### WHAT YOU NEED TO DO
Set down each entry as it stands. Skip the pictures.

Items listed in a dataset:
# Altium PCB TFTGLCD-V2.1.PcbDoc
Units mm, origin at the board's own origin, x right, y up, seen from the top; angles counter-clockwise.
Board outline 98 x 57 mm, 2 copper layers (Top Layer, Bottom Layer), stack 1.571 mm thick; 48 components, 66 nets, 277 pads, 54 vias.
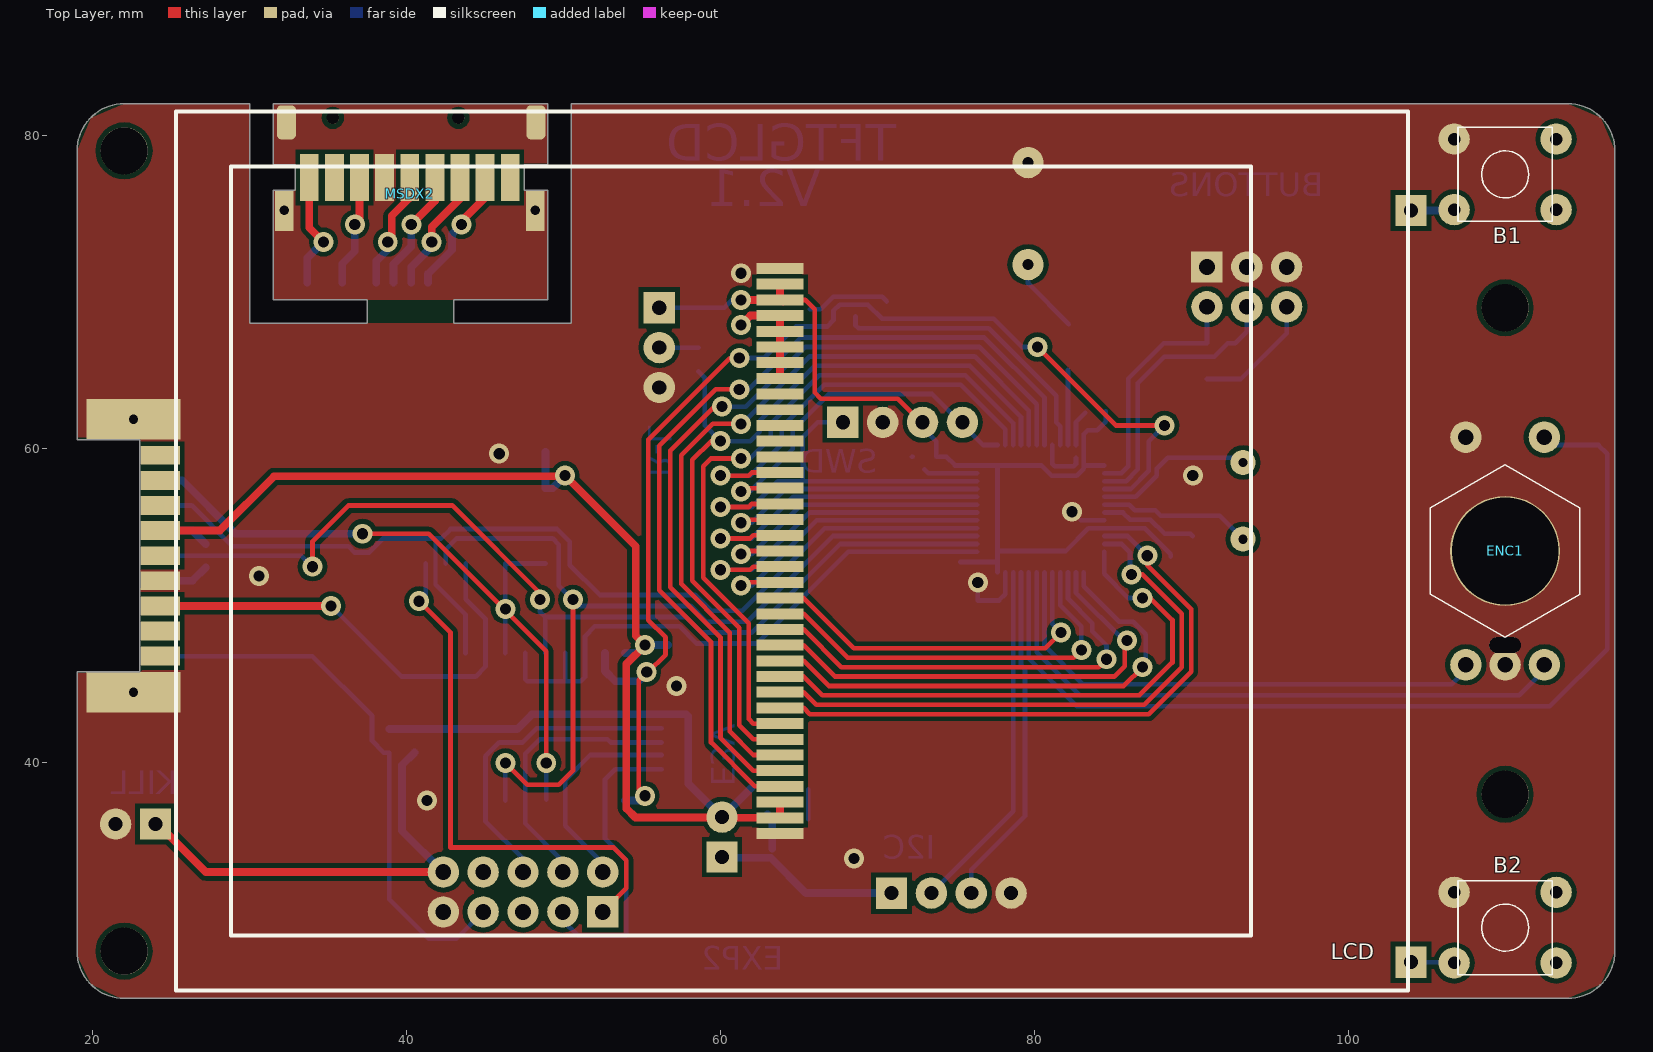
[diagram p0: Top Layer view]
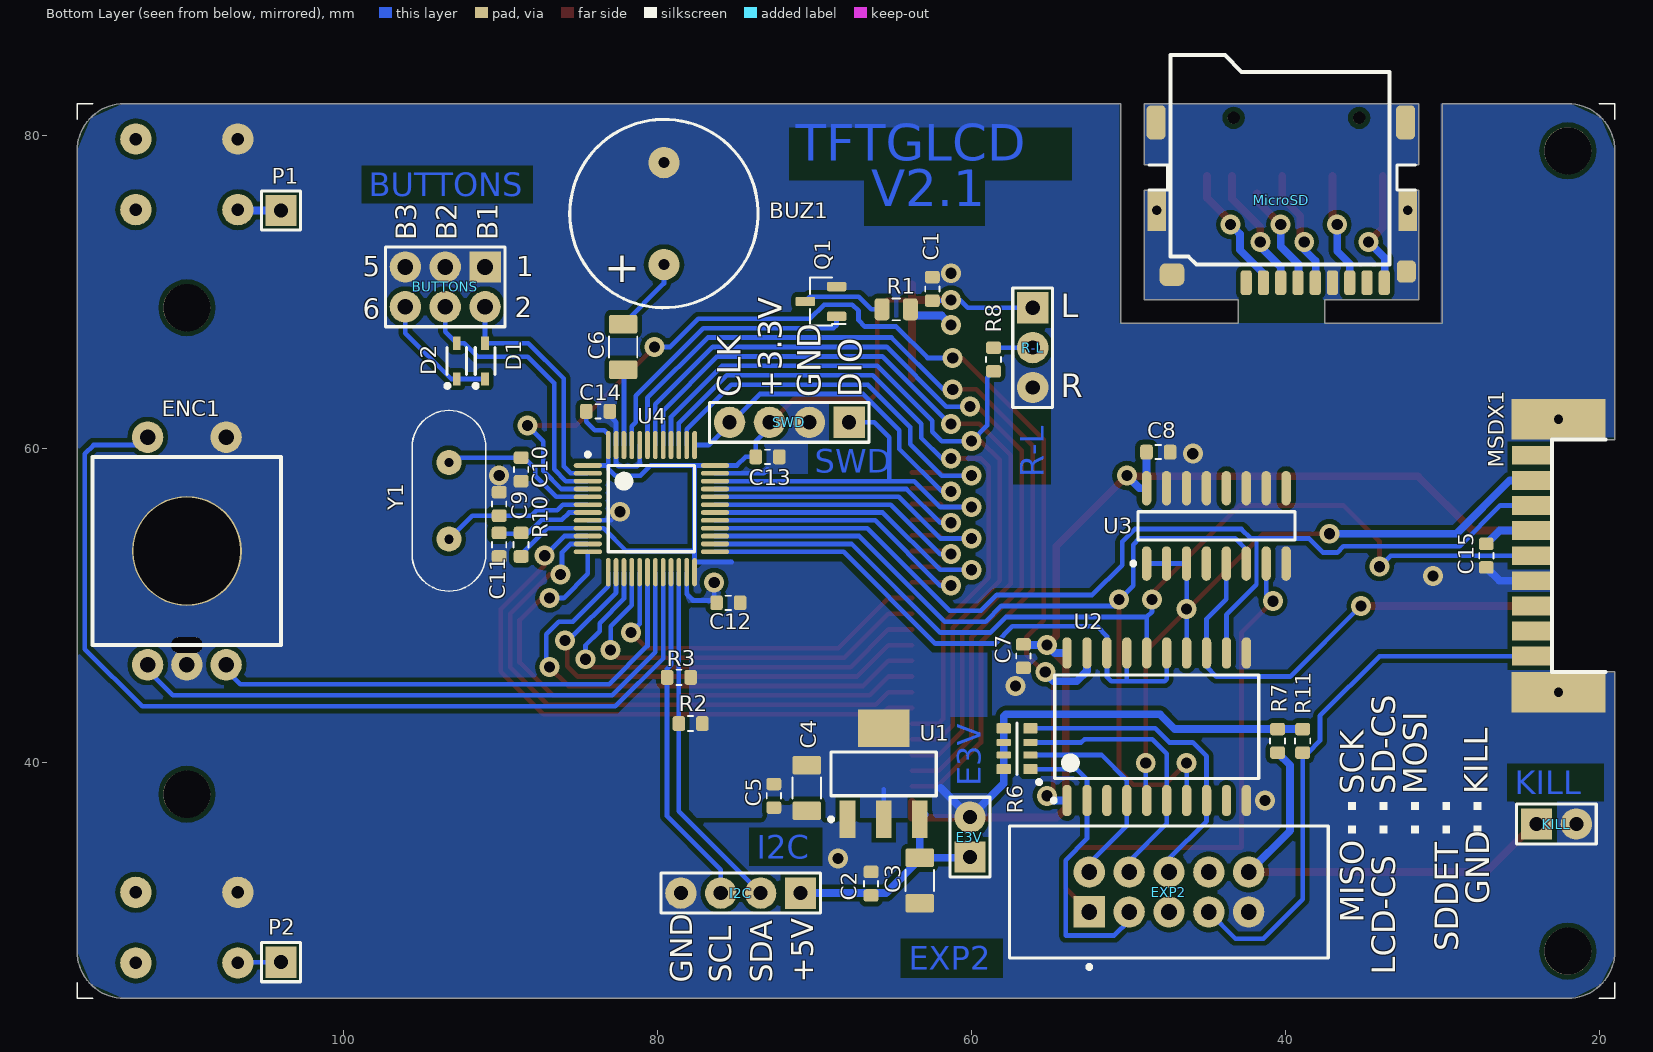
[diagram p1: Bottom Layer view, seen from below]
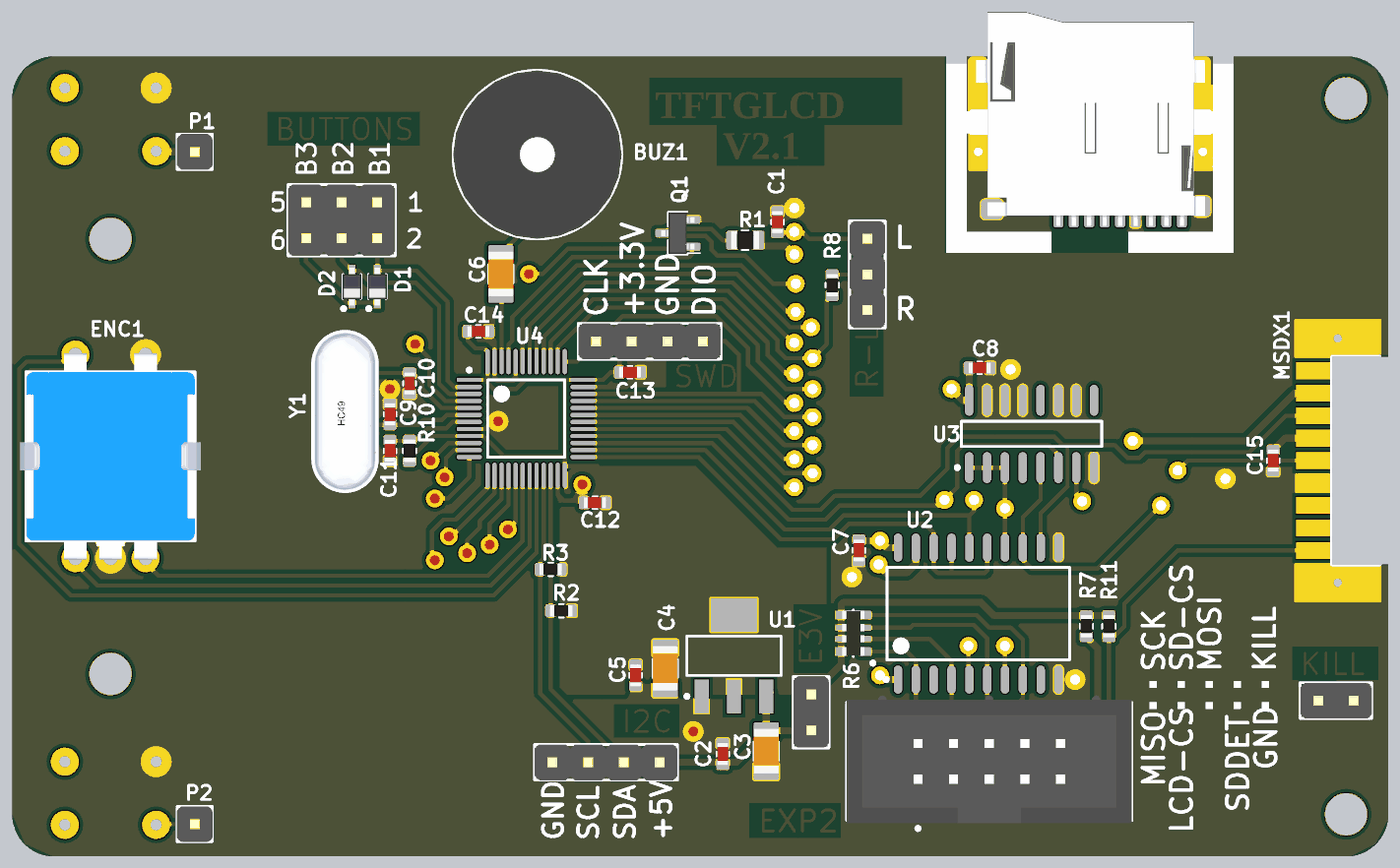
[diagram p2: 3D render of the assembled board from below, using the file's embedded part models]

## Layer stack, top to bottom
Top Layer: signal copper 0.0356
Dielectric: core 1.5, FR-4, Dk 4.8
Bottom Layer: signal copper 0.0356

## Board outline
19,28 19,45.8 23,45.8 23,60.6 19,60.6 19,79 cw(c22,79) 22,82 30,82 30,68 37.5,68 37.5,69.5 31.5,69.5 31.5,76.5 32.9,76.5 32.9,78.1 31.5,78.1 31.5,82 49,82 49,78.1 47.5,78.1 47.5,76.5 49,76.5 49,69.5 43,69.5 43,68 50.5,68 50.5,82 114,82 cw(c114,79) 117,79 117,28 cw(c114,28) 114,25 22,25 cw(c22,28)

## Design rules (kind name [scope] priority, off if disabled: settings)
Clearance Clearance_1 [InPolygon] p1: gap=0.3
Clearance [All] p2: gap=0.2
ComponentClearance [All] p1 off: gap=0.254 collisioncheckmode=3 verticalgap=0.254 showdistances=FALSE
FabricationTestPointUsage [All] p1 off: valid=0 allowmultiple=FALSE
FabricationTestpoint [All] p1 off: side=3 testpointundercomponent=TRUE minsize=1.016 maxsize=2.54 preferedsize=1.524 minholesize=0 maxholesize=1.016 preferedholesize=0.813 testpointgrid=0.025 allowsidetop=TRUE allowsidebottom=TRUE usegrid=TRUE gridtolerance=0
FanoutControl Fanout_BGA [IsBGA] p1 off: bgadir=Out bgaviamode=Centered fanoutstyle=Auto fanoutdirection=Alternating viagrid=0.025 // Fanout_BGA (Default Rule)
FanoutControl Fanout_LCC [IsLCC] p2 off: bgadir=Out bgaviamode=Centered fanoutstyle=Auto fanoutdirection=Alternating viagrid=0.025 // Fanout_LCC (Default Rule)
FanoutControl Fanout_SOIC [IsSOIC] p3 off: bgadir=Out bgaviamode=Centered fanoutstyle=Auto fanoutdirection=Alternating viagrid=0.025 // Fanout_SOIC (Default Rule)
FanoutControl Fanout_Small [(CompPinCount < 5)] p4 off: bgadir=Out bgaviamode=Centered fanoutstyle=Auto fanoutdirection=OutThenIn viagrid=0.025 // Fanout_Small (Default Rule)
FanoutControl Fanout_Default [All] p5 off: bgadir=Out bgaviamode=Centered fanoutstyle=Auto fanoutdirection=Alternating viagrid=0.025 // Fanout_Default (Default Rule)
PolygonConnect [All] p1: connectstyle=Relief reliefconductorwidth=0.5 reliefentries=4 polygonreliefangle="90 Angle" airgapwidth=-0.1
RoutingVias [All] p1: holewidth=0.711 width=1.27 viastyle="Through Hole" minholewidth=0.711 minwidth=1.27 maxholewidth=0.711 maxwidth=1.27
SilkToSilkClearance [All] p1 off: silktosilkclearance=0.254
SilkscreenOverComponentPads [IsPad] p1 off: minsilkscreentomaskgap=0.254
SolderMaskExpansion [All] p1: expansion=0.1
Width [All] p1: maxlimit=2 minlimit=0.2 preferedwidth=0.3
18 further rules are at their usual default settings.

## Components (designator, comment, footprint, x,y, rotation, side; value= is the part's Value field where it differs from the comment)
B1 "SWT-2-x" SWT-2-x 110,77.5 r0 top
B2 "SWT-2-x" SWT-2-x 110,29.5 r0 top
BUTTONS "Header 3X2" HDR2X3 91,71.6 r0 bottom
BUZ1 "Buzer 1205" Buzer_12xx 79.6,75 r90 bottom
C1 "Cap" C0603_Samsung 62.5,70.2 r270 bottom
C2 "Cap" C0603_Samsung 66.4,32.3 r270 bottom
C3 "Cap" C1206_Murata 63.3,32.5 r90 bottom
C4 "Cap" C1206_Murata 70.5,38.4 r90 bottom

### TASK RESULT
# Altium PCB TFTGLCD-V2.1.PcbDoc
Units mm, origin at the board's own origin, x right, y up, seen from the top; angles counter-clockwise.
Board outline 98 x 57 mm, 2 copper layers (Top Layer, Bottom Layer), stack 1.571 mm thick; 48 components, 66 nets, 277 pads, 54 vias.
[diagram p0: Top Layer view]
[diagram p1: Bottom Layer view, seen from below]
[diagram p2: 3D render of the assembled board from below, using the file's embedded part models]

## Layer stack, top to bottom
Top Layer: signal copper 0.0356
Dielectric: core 1.5, FR-4, Dk 4.8
Bottom Layer: signal copper 0.0356

## Board outline
19,28 19,45.8 23,45.8 23,60.6 19,60.6 19,79 cw(c22,79) 22,82 30,82 30,68 37.5,68 37.5,69.5 31.5,69.5 31.5,76.5 32.9,76.5 32.9,78.1 31.5,78.1 31.5,82 49,82 49,78.1 47.5,78.1 47.5,76.5 49,76.5 49,69.5 43,69.5 43,68 50.5,68 50.5,82 114,82 cw(c114,79) 117,79 117,28 cw(c114,28) 114,25 22,25 cw(c22,28)

## Design rules (kind name [scope] priority, off if disabled: settings)
Clearance Clearance_1 [InPolygon] p1: gap=0.3
Clearance [All] p2: gap=0.2
ComponentClearance [All] p1 off: gap=0.254 collisioncheckmode=3 verticalgap=0.254 showdistances=FALSE
FabricationTestPointUsage [All] p1 off: valid=0 allowmultiple=FALSE
FabricationTestpoint [All] p1 off: side=3 testpointundercomponent=TRUE minsize=1.016 maxsize=2.54 preferedsize=1.524 minholesize=0 maxholesize=1.016 preferedholesize=0.813 testpointgrid=0.025 allowsidetop=TRUE allowsidebottom=TRUE usegrid=TRUE gridtolerance=0
FanoutControl Fanout_BGA [IsBGA] p1 off: bgadir=Out bgaviamode=Centered fanoutstyle=Auto fanoutdirection=Alternating viagrid=0.025 // Fanout_BGA (Default Rule)
FanoutControl Fanout_LCC [IsLCC] p2 off: bgadir=Out bgaviamode=Centered fanoutstyle=Auto fanoutdirection=Alternating viagrid=0.025 // Fanout_LCC (Default Rule)
FanoutControl Fanout_SOIC [IsSOIC] p3 off: bgadir=Out bgaviamode=Centered fanoutstyle=Auto fanoutdirection=Alternating viagrid=0.025 // Fanout_SOIC (Default Rule)
FanoutControl Fanout_Small [(CompPinCount < 5)] p4 off: bgadir=Out bgaviamode=Centered fanoutstyle=Auto fanoutdirection=OutThenIn viagrid=0.025 // Fanout_Small (Default Rule)
FanoutControl Fanout_Default [All] p5 off: bgadir=Out bgaviamode=Centered fanoutstyle=Auto fanoutdirection=Alternating viagrid=0.025 // Fanout_Default (Default Rule)
PolygonConnect [All] p1: connectstyle=Relief reliefconductorwidth=0.5 reliefentries=4 polygonreliefangle="90 Angle" airgapwidth=-0.1
RoutingVias [All] p1: holewidth=0.711 width=1.27 viastyle="Through Hole" minholewidth=0.711 minwidth=1.27 maxholewidth=0.711 maxwidth=1.27
SilkToSilkClearance [All] p1 off: silktosilkclearance=0.254
SilkscreenOverComponentPads [IsPad] p1 off: minsilkscreentomaskgap=0.254
SolderMaskExpansion [All] p1: expansion=0.1
Width [All] p1: maxlimit=2 minlimit=0.2 preferedwidth=0.3
18 further rules are at their usual default settings.

## Components (designator, comment, footprint, x,y, rotation, side; value= is the part's Value field where it differs from the comment)
B1 "SWT-2-x" SWT-2-x 110,77.5 r0 top
B2 "SWT-2-x" SWT-2-x 110,29.5 r0 top
BUTTONS "Header 3X2" HDR2X3 91,71.6 r0 bottom
BUZ1 "Buzer 1205" Buzer_12xx 79.6,75 r90 bottom
C1 "Cap" C0603_Samsung 62.5,70.2 r270 bottom
C2 "Cap" C0603_Samsung 66.4,32.3 r270 bottom
C3 "Cap" C1206_Murata 63.3,32.5 r90 bottom
C4 "Cap" C1206_Murata 70.5,38.4 r90 bottom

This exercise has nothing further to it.